What you need to do:
Give back every entry precisely as written, without any of the images.

Information provided:
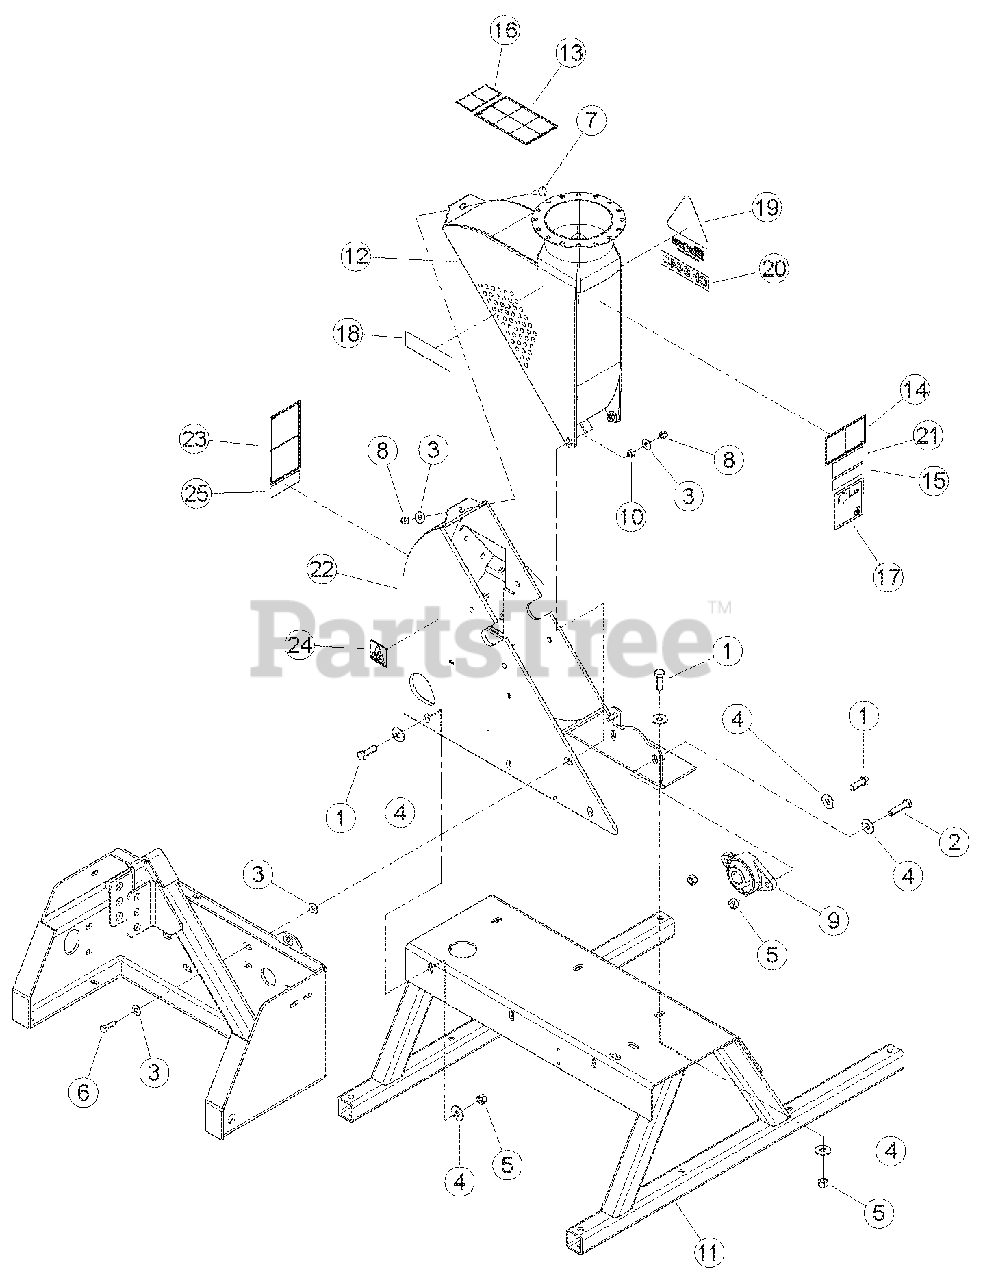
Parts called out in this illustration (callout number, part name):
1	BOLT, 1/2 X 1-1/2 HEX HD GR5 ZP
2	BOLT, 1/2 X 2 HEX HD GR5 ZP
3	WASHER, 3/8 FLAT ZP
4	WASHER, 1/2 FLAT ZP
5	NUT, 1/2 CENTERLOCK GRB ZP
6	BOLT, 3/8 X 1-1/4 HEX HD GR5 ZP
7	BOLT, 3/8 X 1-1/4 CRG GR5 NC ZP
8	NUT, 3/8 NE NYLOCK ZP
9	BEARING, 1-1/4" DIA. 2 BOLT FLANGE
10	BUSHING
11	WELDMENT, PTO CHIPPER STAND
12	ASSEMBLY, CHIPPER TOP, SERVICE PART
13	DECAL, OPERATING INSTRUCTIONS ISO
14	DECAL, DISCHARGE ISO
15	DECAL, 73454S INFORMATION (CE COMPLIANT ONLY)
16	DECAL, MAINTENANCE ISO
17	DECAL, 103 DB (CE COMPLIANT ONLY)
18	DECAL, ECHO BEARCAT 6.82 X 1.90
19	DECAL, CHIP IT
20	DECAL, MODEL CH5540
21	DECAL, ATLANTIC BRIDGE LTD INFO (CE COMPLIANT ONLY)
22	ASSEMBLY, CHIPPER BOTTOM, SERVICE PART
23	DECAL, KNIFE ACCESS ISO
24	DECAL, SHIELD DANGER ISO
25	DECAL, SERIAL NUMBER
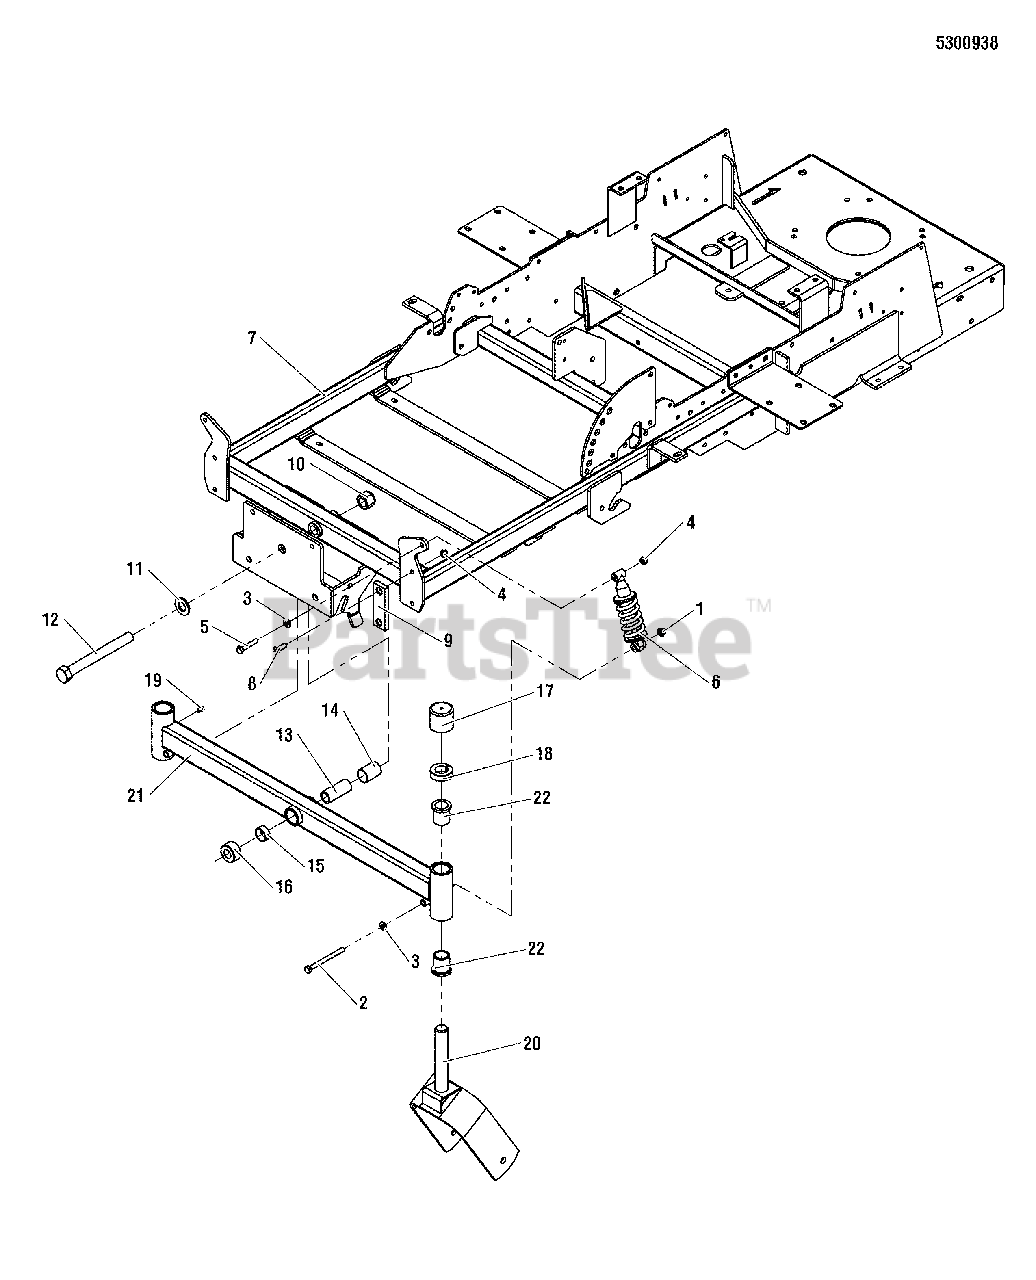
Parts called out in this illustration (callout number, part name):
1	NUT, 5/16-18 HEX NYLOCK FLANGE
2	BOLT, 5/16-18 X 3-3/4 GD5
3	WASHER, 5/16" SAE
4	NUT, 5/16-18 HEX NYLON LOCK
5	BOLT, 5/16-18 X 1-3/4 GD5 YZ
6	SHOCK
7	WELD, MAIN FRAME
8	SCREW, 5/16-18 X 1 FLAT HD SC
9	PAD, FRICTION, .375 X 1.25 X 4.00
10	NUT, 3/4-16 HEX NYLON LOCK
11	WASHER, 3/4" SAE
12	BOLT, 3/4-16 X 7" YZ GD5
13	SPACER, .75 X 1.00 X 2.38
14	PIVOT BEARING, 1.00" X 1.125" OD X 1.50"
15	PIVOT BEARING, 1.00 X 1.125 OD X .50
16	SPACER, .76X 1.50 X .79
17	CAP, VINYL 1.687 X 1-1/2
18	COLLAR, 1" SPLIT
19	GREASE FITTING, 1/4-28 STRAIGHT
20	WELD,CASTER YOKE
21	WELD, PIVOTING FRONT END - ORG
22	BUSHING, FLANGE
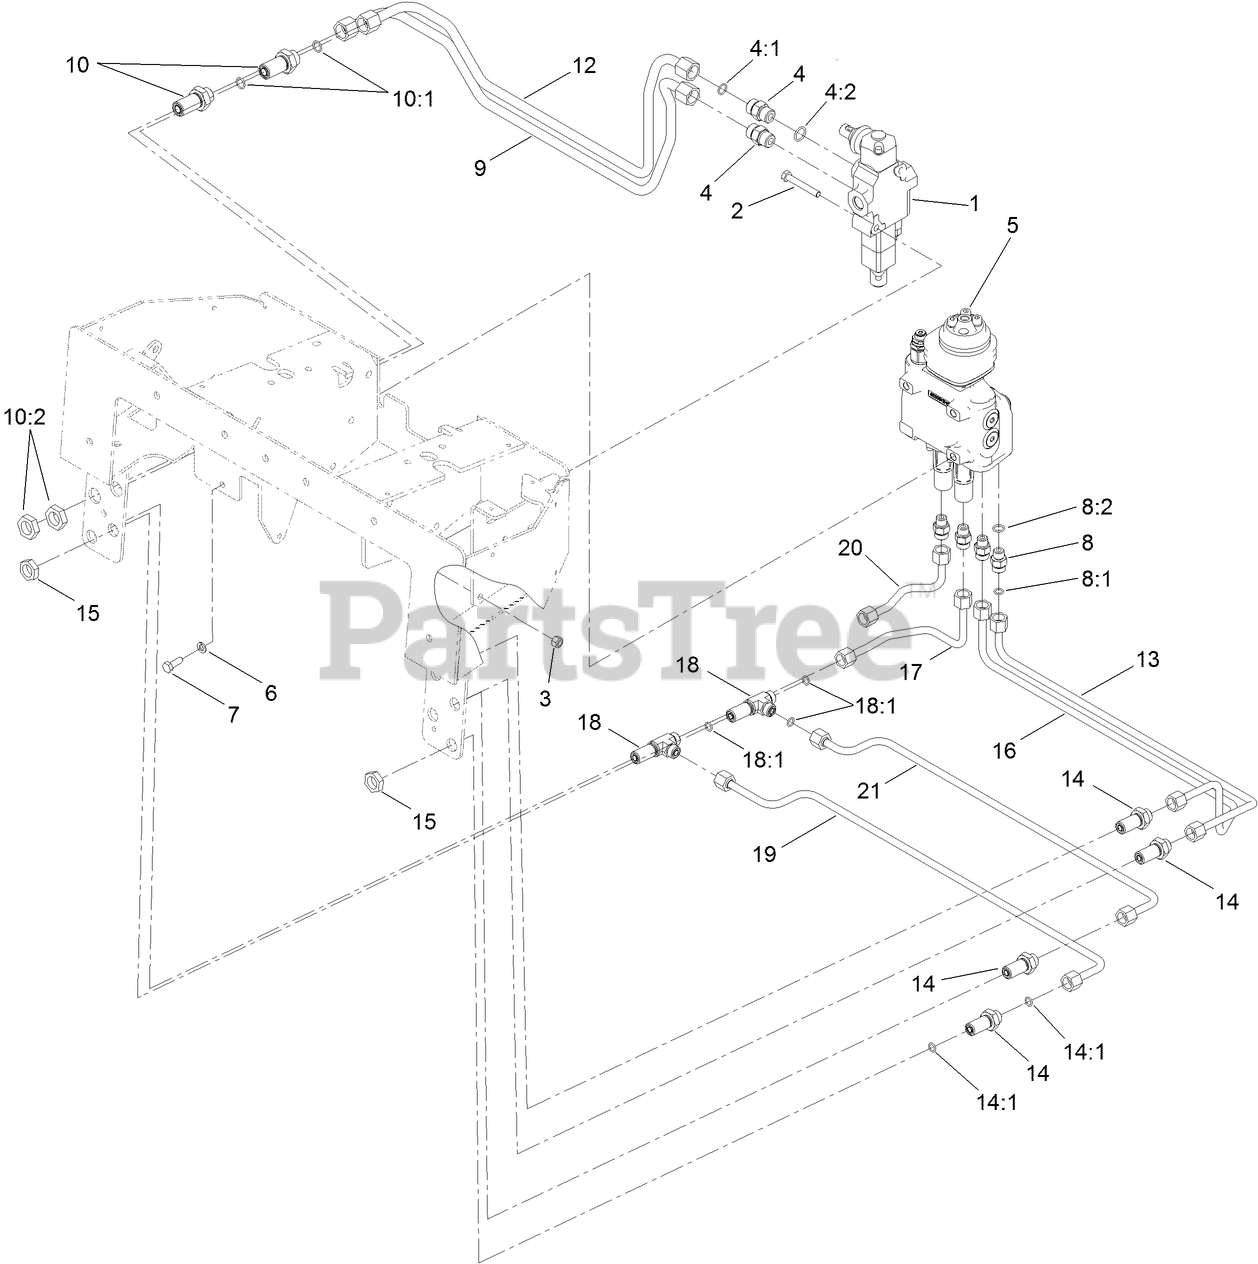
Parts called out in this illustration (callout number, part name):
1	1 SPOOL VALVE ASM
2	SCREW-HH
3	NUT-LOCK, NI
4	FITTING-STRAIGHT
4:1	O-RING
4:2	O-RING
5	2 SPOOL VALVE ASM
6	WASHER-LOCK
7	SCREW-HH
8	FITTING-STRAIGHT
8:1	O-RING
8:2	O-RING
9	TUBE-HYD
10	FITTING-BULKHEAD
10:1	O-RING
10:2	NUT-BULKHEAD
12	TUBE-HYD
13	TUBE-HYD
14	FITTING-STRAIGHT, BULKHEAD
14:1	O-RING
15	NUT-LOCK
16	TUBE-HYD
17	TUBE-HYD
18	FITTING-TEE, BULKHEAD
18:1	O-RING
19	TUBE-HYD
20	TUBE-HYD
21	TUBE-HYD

Your response:
Parts called out in this illustration (callout number, part name):
1	BOLT, 1/2 X 1-1/2 HEX HD GR5 ZP
2	BOLT, 1/2 X 2 HEX HD GR5 ZP
3	WASHER, 3/8 FLAT ZP
4	WASHER, 1/2 FLAT ZP
5	NUT, 1/2 CENTERLOCK GRB ZP
6	BOLT, 3/8 X 1-1/4 HEX HD GR5 ZP
7	BOLT, 3/8 X 1-1/4 CRG GR5 NC ZP
8	NUT, 3/8 NE NYLOCK ZP
9	BEARING, 1-1/4" DIA. 2 BOLT FLANGE
10	BUSHING
11	WELDMENT, PTO CHIPPER STAND
12	ASSEMBLY, CHIPPER TOP, SERVICE PART
13	DECAL, OPERATING INSTRUCTIONS ISO
14	DECAL, DISCHARGE ISO
15	DECAL, 73454S INFORMATION (CE COMPLIANT ONLY)
16	DECAL, MAINTENANCE ISO
17	DECAL, 103 DB (CE COMPLIANT ONLY)
18	DECAL, ECHO BEARCAT 6.82 X 1.90
19	DECAL, CHIP IT
20	DECAL, MODEL CH5540
21	DECAL, ATLANTIC BRIDGE LTD INFO (CE COMPLIANT ONLY)
22	ASSEMBLY, CHIPPER BOTTOM, SERVICE PART
23	DECAL, KNIFE ACCESS ISO
24	DECAL, SHIELD DANGER ISO
25	DECAL, SERIAL NUMBER
Parts called out in this illustration (callout number, part name):
1	NUT, 5/16-18 HEX NYLOCK FLANGE
2	BOLT, 5/16-18 X 3-3/4 GD5
3	WASHER, 5/16" SAE
4	NUT, 5/16-18 HEX NYLON LOCK
5	BOLT, 5/16-18 X 1-3/4 GD5 YZ
6	SHOCK
7	WELD, MAIN FRAME
8	SCREW, 5/16-18 X 1 FLAT HD SC
9	PAD, FRICTION, .375 X 1.25 X 4.00
10	NUT, 3/4-16 HEX NYLON LOCK
11	WASHER, 3/4" SAE
12	BOLT, 3/4-16 X 7" YZ GD5
13	SPACER, .75 X 1.00 X 2.38
14	PIVOT BEARING, 1.00" X 1.125" OD X 1.50"
15	PIVOT BEARING, 1.00 X 1.125 OD X .50
16	SPACER, .76X 1.50 X .79
17	CAP, VINYL 1.687 X 1-1/2
18	COLLAR, 1" SPLIT
19	GREASE FITTING, 1/4-28 STRAIGHT
20	WELD,CASTER YOKE
21	WELD, PIVOTING FRONT END - ORG
22	BUSHING, FLANGE
Parts called out in this illustration (callout number, part name):
1	1 SPOOL VALVE ASM
2	SCREW-HH
3	NUT-LOCK, NI
4	FITTING-STRAIGHT
4:1	O-RING
4:2	O-RING
5	2 SPOOL VALVE ASM
6	WASHER-LOCK
7	SCREW-HH
8	FITTING-STRAIGHT
8:1	O-RING
8:2	O-RING
9	TUBE-HYD
10	FITTING-BULKHEAD
10:1	O-RING
10:2	NUT-BULKHEAD
12	TUBE-HYD
13	TUBE-HYD
14	FITTING-STRAIGHT, BULKHEAD
14:1	O-RING
15	NUT-LOCK
16	TUBE-HYD
17	TUBE-HYD
18	FITTING-TEE, BULKHEAD
18:1	O-RING
19	TUBE-HYD
20	TUBE-HYD
21	TUBE-HYD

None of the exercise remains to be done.